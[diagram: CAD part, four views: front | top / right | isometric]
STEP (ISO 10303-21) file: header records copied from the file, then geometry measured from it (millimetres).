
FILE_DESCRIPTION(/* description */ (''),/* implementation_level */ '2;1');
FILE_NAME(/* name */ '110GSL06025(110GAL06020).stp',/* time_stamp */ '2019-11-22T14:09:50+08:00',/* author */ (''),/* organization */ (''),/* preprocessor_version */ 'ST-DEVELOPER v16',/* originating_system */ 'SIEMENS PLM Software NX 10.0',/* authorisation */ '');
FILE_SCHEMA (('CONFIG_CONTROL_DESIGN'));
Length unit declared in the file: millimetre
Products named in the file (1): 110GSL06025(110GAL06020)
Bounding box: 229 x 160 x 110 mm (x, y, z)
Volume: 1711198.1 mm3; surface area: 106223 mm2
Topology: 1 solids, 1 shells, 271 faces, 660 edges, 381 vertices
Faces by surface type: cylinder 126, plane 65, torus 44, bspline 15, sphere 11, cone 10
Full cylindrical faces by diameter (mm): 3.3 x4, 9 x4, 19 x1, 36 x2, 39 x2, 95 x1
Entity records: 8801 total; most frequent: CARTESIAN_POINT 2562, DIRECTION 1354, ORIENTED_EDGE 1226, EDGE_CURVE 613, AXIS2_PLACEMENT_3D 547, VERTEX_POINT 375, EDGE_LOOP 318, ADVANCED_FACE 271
_____
# Description of the task
The line with "FILE_DESCRIPTION(/* description */" marks the end; reproduce exactly every line from the start of the entries up to it, that line included.

# Written solution
[diagram: CAD part, four views: front | top / right | isometric]
STEP (ISO 10303-21) file: header records copied from the file, then geometry measured from it (millimetres).
FILE_DESCRIPTION(/* description */ (''),/* implementation_level */ '2;1');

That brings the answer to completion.